# taz.de -- Umbau des Jahn-Sportparks: Das demolierte Objekt der DDR-Verteidigung
       
       > Der Senat lässt den Jahn-Sportpark in Prenzlauer Berg zum Inklusionspark
       > umbauen. Eine Bürgerinitiative und die Linke laufen Sturm dagegen.
       
 (IMG) Bild: Wer sich nicht wehrt: Philipp Dittrich und Katalin Gennburg mit Publikum vor dem Bauzaun am Großen Stadion des Jahn-Sportparks
       
       Berlin taz | Zwischen dem Wunsch nach einer lebenswerten Stadt ohne
       Baubonzen, der Liebe zur Ostmoderne und der zu Spatzen bewegen sich die
       Gemüter beim Rundgang über die Schotterflächen des Jahn-Sportparks in
       Prenzlauer Berg. Der wird behördlicherseits gerade ordentlich demoliert.
       Dementsprechend betroffen schauen die rund 30 Teilnehmer*innen jeden
       Alters, die der Einladung einer Bürgerinitiative und der Linken-Abgeordnete
       Katalin Gennburg am Mittwochabend gefolgt sind.
       
       Noch vor Beginn des Rundgangs stehen zwei ältere Männer vor dem Bauzaun,
       der die bereits abgerissene Haupttribüne des Jahn-Stadions mehr schlecht
       als recht versteckt. „Ich verstehe das überhaupt nicht“, echauffiert sich
       der eine, „das ist ein super Stadion“. Der andere ärgert sich über
       [1][SPD-Bausenator Christian Gaebler].
       
       Gaebler gilt hier als Hauptverantwortlicher dafür, dass es statt eines
       Stadionumbaus nun einen Neubau geben soll.
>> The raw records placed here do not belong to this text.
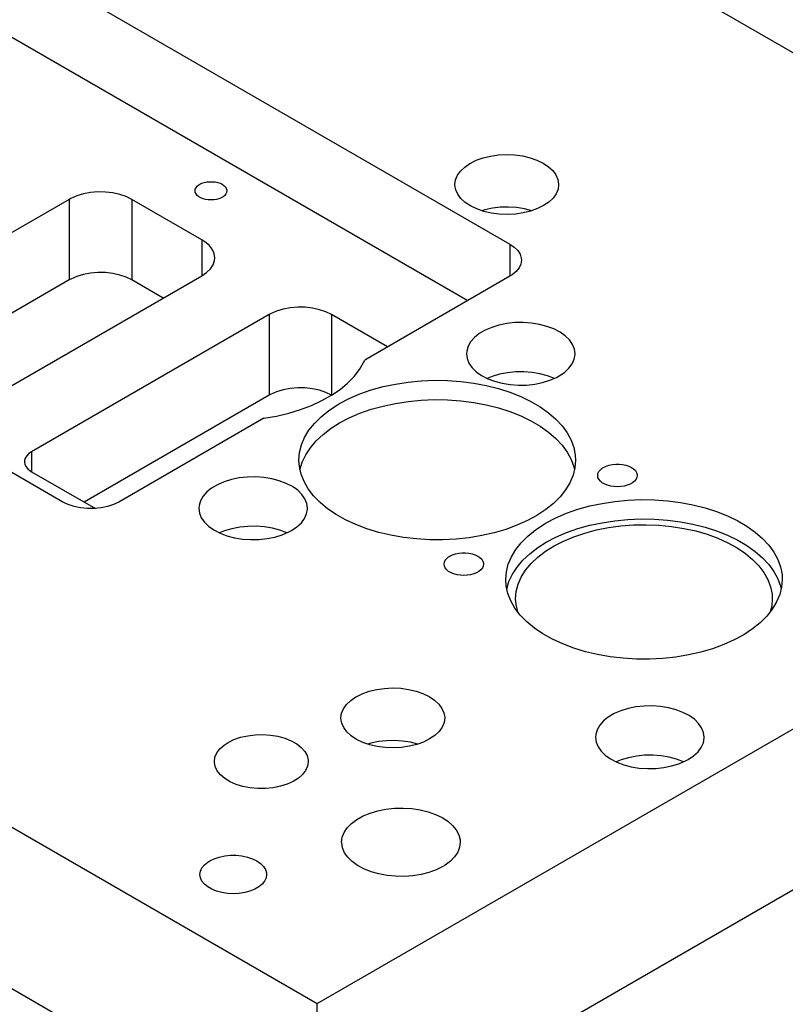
# Model space of a CAD drawing. Header units: inches. Extents: x 3 to 351, y 4 to 271.
# Tile 452 of 530: x 238.01 to 242.86, y 179.44 to 185.67. Entities that reach past the tile are written whole.
import ezdxf

# ---------------------------------------------------------------- set-up
doc = ezdxf.new("R2010")
doc.units = ezdxf.units.IN
doc.header["$LTSCALE"] = 0.5
doc.header["$MEASUREMENT"] = 0
doc.layers.add('STR_1', color=7, linetype='Continuous')

msp = doc.modelspace()

# ---------------------------------------------------------------- linework, layer by layer
at = {"layer": 'STR_1', "color": 190, "linetype": 'Continuous'}
for p, q in [((237.1012, 188.8163), (246.6118, 183.3254)), ((237.8437, 186.1423), (241.1141, 184.2542)), ((237.8437, 185.632), (240.8489, 183.897)), ((230.3837, 184.938), (239.8943, 179.4471)), ((240.9015, 184.7839), (240.9451, 184.7994)), ((240.9451, 184.7994), (240.9924, 184.8108)), ((240.9924, 184.8108), (241.0421, 184.8178)), ((241.0421, 184.8178), (241.0932, 184.8202)), ((241.0932, 184.8202), (241.1442, 184.818)), ((241.1442, 184.818), (241.1941, 184.8113)), ((241.1941, 184.8113), (241.2415, 184.8002)), ((241.2415, 184.8002), (241.2853, 184.7849)), ((240.8019, 184.7163), (240.8285, 184.7416)), ((240.8285, 184.7416), (240.8616, 184.7641)), ((240.8616, 184.7641), (240.8626, 184.7647)), ((240.8626, 184.7647), (240.9015, 184.7839)), ((241.2853, 184.7849), (241.3246, 184.7659)), ((241.3246, 184.7659), (241.3582, 184.7436)), ((241.3582, 184.7436), (241.3854, 184.7186)), ((240.7705, 184.6602), (240.7824, 184.689)), ((240.7824, 184.689), (240.8019, 184.7163)), ((241.3854, 184.7186), (241.4055, 184.6914)), ((241.4055, 184.6914), (241.418, 184.6628)), ((241.418, 184.6628), (241.4227, 184.6333)), ((239.1221, 184.591), (239.1236, 184.601)), ((239.1236, 184.601), (239.1281, 184.6108)), ((239.1281, 184.6108), (239.1355, 184.62)), ((239.1355, 184.62), (239.1456, 184.6283)), ((239.1456, 184.6283), (239.1515, 184.632)), ((239.1515, 184.632), (239.1649, 184.6385)), ((239.1649, 184.6385), (239.1801, 184.6436)), ((239.1801, 184.6436), (239.1965, 184.647)), ((239.1965, 184.647), (239.2138, 184.6488)), ((239.2138, 184.6488), (239.2313, 184.6488)), ((239.2313, 184.6488), (239.2486, 184.647)), ((239.2486, 184.647), (239.265, 184.6436)), ((239.265, 184.6436), (239.2802, 184.6385)), ((239.2802, 184.6385), (239.2936, 184.632)), ((239.2936, 184.632), (239.3049, 184.6243)), ((239.3049, 184.6243), (239.3136, 184.6155)), ((239.3136, 184.6155), (239.3196, 184.606)), ((239.3196, 184.606), (239.3227, 184.596)), ((240.7665, 184.6308), (240.7705, 184.6602)), ((240.7666, 184.6274), (240.7665, 184.6308)), ((240.7715, 184.598), (240.7666, 184.6274)), ((241.4188, 184.6013), (241.4069, 184.5726)), ((241.4227, 184.6308), (241.4188, 184.6013)), ((241.4227, 184.6333), (241.4227, 184.6308)), ((238.3263, 184.5369), (236.8237, 183.6694)), ((238.3363, 184.5423), (238.3263, 184.5369)), ((238.3738, 184.5589), (238.3363, 184.5423)), ((238.4157, 184.5716), (238.3738, 184.5589)), ((238.4607, 184.58), (238.4157, 184.5716)), ((238.5075, 184.5839), (238.4607, 184.58)), ((238.5548, 184.5833), (238.5075, 184.5839)), ((238.6012, 184.578), (238.5548, 184.5833)), ((238.6454, 184.5683), (238.6012, 184.578)), ((238.6861, 184.5545), (238.6454, 184.5683)), ((238.7223, 184.5369), (238.6861, 184.5545)), ((239.1642, 184.2817), (238.7223, 184.5369)), ((239.1236, 184.5809), (239.1221, 184.591)), ((239.1281, 184.5711), (239.1236, 184.5809)), ((239.1355, 184.562), (239.1281, 184.5711)), ((239.1456, 184.5537), (239.1355, 184.562)), ((239.158, 184.5465), (239.1456, 184.5537)), ((239.1723, 184.5407), (239.158, 184.5465)), ((239.1882, 184.5364), (239.1723, 184.5407)), ((239.2051, 184.5338), (239.1882, 184.5364)), ((239.2569, 184.5364), (239.24, 184.5338)), ((239.2728, 184.5407), (239.2569, 184.5364)), ((239.2872, 184.5465), (239.2728, 184.5407)), ((239.2995, 184.5537), (239.2872, 184.5465)), ((239.3096, 184.562), (239.2995, 184.5537)), ((239.317, 184.5711), (239.3096, 184.562)), ((239.3215, 184.5809), (239.317, 184.5711)), ((239.3231, 184.591), (239.3215, 184.5809)), ((239.3227, 184.596), (239.3231, 184.591)), ((240.7842, 184.5693), (240.7715, 184.598)), ((240.8046, 184.5422), (240.7842, 184.5693)), ((240.832, 184.5172), (240.8046, 184.5422)), ((241.3874, 184.5452), (241.3608, 184.52)), ((241.4069, 184.5726), (241.3874, 184.5452)), ((238.2856, 182.6212), (235.0153, 184.5093)), ((239.2226, 184.5329), (239.2051, 184.5338)), ((239.24, 184.5338), (239.2226, 184.5329)), ((240.8657, 184.495), (240.832, 184.5172)), ((240.9051, 184.4761), (240.8657, 184.495)), ((240.9491, 184.461), (240.9051, 184.4761)), ((241.004, 184.4805), (240.956, 184.4702)), ((241.0541, 184.4865), (241.004, 184.4805)), ((241.1053, 184.4878), (241.0541, 184.4865)), ((241.1562, 184.4845), (241.1053, 184.4878)), ((241.2055, 184.4768), (241.1562, 184.4845)), ((241.2522, 184.4646), (241.2055, 184.4768)), ((241.2889, 184.4781), (241.2454, 184.4625)), ((241.3277, 184.4974), (241.2889, 184.4781)), ((241.3608, 184.52), (241.3277, 184.4974)), ((240.956, 184.4702), (240.937, 184.4646)), ((240.9966, 184.45), (240.9491, 184.461)), ((241.0465, 184.4434), (240.9966, 184.45)), ((241.0976, 184.4413), (241.0465, 184.4434)), ((241.1486, 184.4439), (241.0976, 184.4413)), ((241.1983, 184.451), (241.1486, 184.4439)), ((241.2454, 184.4625), (241.1983, 184.451)), ((239.1846, 184.2686), (239.1642, 184.2817)), ((239.211, 184.2459), (239.1846, 184.2686)), ((239.2304, 184.221), (239.211, 184.2459)), ((241.1141, 184.2542), (241.1421, 184.2349)), ((241.1421, 184.2349), (241.1639, 184.2131)), ((239.2422, 184.1946), (239.2304, 184.221)), ((239.2462, 184.1674), (239.2422, 184.1946)), ((239.2446, 184.1498), (239.2462, 184.1674)), ((241.1639, 184.2131), (241.1788, 184.1895)), ((241.1788, 184.1895), (241.1863, 184.1647)), ((241.1863, 184.1647), (241.1873, 184.1521)), ((239.2187, 184.0975), (239.2355, 184.123)), ((239.2355, 184.123), (239.2446, 184.1498)), ((241.1722, 184.1027), (241.1538, 184.0799)), ((241.1835, 184.1271), (241.1722, 184.1027)), ((241.1873, 184.1521), (241.1835, 184.1271)), ((237.75, 183.2366), (239.1642, 184.0531)), ((238.3738, 184.0486), (238.3363, 184.032)), ((238.4157, 184.0613), (238.3738, 184.0486)), ((238.4607, 184.0697), (238.4157, 184.0613)), ((238.5075, 184.0736), (238.4607, 184.0697)), ((238.5548, 184.073), (238.5075, 184.0736)), ((238.6012, 184.0677), (238.5548, 184.073)), ((238.6454, 184.058), (238.6012, 184.0677)), ((238.6861, 184.0442), (238.6454, 184.058)), ((238.7223, 184.0266), (238.6861, 184.0442)), ((239.1642, 184.0531), (239.1947, 184.074)), ((239.1947, 184.074), (239.2187, 184.0975)), ((241.1141, 184.0501), (240.1953, 183.5196)), ((241.1288, 184.0593), (241.1141, 184.0501)), ((241.1538, 184.0799), (241.1288, 184.0593)), ((238.3263, 184.0266), (237.156, 183.3509)), ((238.3363, 184.032), (238.3263, 184.0266)), ((238.9203, 183.9123), (238.7223, 184.0266)), ((230.3837, 183.9174), (239.8943, 178.4265)), ((239.7715, 183.8542), (239.7247, 183.8503)), ((239.8187, 183.8535), (239.7715, 183.8542)), ((239.8651, 183.8483), (239.8187, 183.8535)), ((239.5903, 183.8071), (238.0877, 182.9396)), ((239.6002, 183.8126), (239.5903, 183.8071)), ((239.6378, 183.8292), (239.6002, 183.8126)), ((239.6797, 183.8418), (239.6378, 183.8292)), ((239.7247, 183.8503), (239.6797, 183.8418)), ((239.9093, 183.8386), (239.8651, 183.8483)), ((239.9501, 183.8247), (239.9093, 183.8386)), ((239.9862, 183.8071), (239.9501, 183.8247)), ((240.3398, 183.603), (239.9862, 183.8071)), ((240.9988, 183.7267), (240.9568, 183.7086)), ((241.0451, 183.7409), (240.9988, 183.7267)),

Die Sache ist zwar sehr viel
       komplizierter. Aber egal. „Damit verdient der Baufilz viel mehr Geld“, sagt
       Katalin Gennburg, die seit Neuestem im Bundestag sitzt, zugleich aber
       vorerst auch noch an ihrem Abgeordnetenhausmandat festhält.
       
       ## Gift für den Klima- und Artenschutz
       
       Die Pläne zur Umwandlung des Jahn-Sportparks in einen Inklusionspark gibt
       es schon seit 2014. Das Ziel ist, letztlich Sportpark und Stadion für
       Olympia 2036 vorzubereiten. 20.000 Sitze soll das neue Stadion haben, genau
       wie das alte. Derzeitige Kosten: 200 Millionen Euro. Der einzige
       Unterschied: 300 Rollstuhlplätze, verteilt auf allen Rängen.
       
       „Riesen-Sportevents alle 20 Jahre sind der einzige Verwendungszweck für ein
       Stadion dieser Größe“, sagt Philipp Dittrich von der Bürgerinitiative. In
       Prenzlauer Berg gebe es zwar sehr engagierte Eltern, „aber dass sie bei den
       Bundesjugendspielen ein Stadion mit 20.000 Sitzen füllen, ist
       unwahrscheinlich“, sagt der Architekt.
       
       Außer dem neuen Stadion ist im Sportpark noch eine zehn Meter hohe
       Multifunktionshalle mit Fußballfeld auf dem Dach geplant. Auch ein
       Bürogebäude, unter anderem für die komplette Geschäftsstelle von Alba
       Berlin, soll entstehen.
       
       Für den Klima- und Artenschutz sind die Senatspläne freilich Gift, glaubt
       Philipp Dittrich: „Der Jahn-Sportpark ist jetzt schon eine der größten
       Hitzeinseln Pankows.“ Das werde sich mit einem Neubau noch mal
       verschlimmern. Wenigstens für die Westtribüne konnten die Naturfreunde
       Berlin einen Abrissstopp bis Ende September erstreiten. Der Grund: die
       Brutzeiten der ansässigen [2][Spatzenpopulation]. Die Spatzen wollen sich –
       wie Berliner Mieter*innen – jedenfalls nicht einfach aus ihren
       Behausungen vertreiben lassen.
       
       ## „Es war ja nicht alles schlecht“
       
       [3][Katalin Gennburg] treibt noch etwas anders um. „Durch Neubau wird
       Stadtgeschichte unkenntlich gemacht“, sagt sie. Eine ältere Anwohnerin
       verdächtigt den Senat, vor allem DDR-Überreste aus dem Stadtbild tilgen zu
       wollen: „Es war ja nicht alles schlecht.“ Nun ja. Das Stadion wurde als
       „Landesverteidigungsobjekt“ und damit Teil der Berliner Mauer konzipiert.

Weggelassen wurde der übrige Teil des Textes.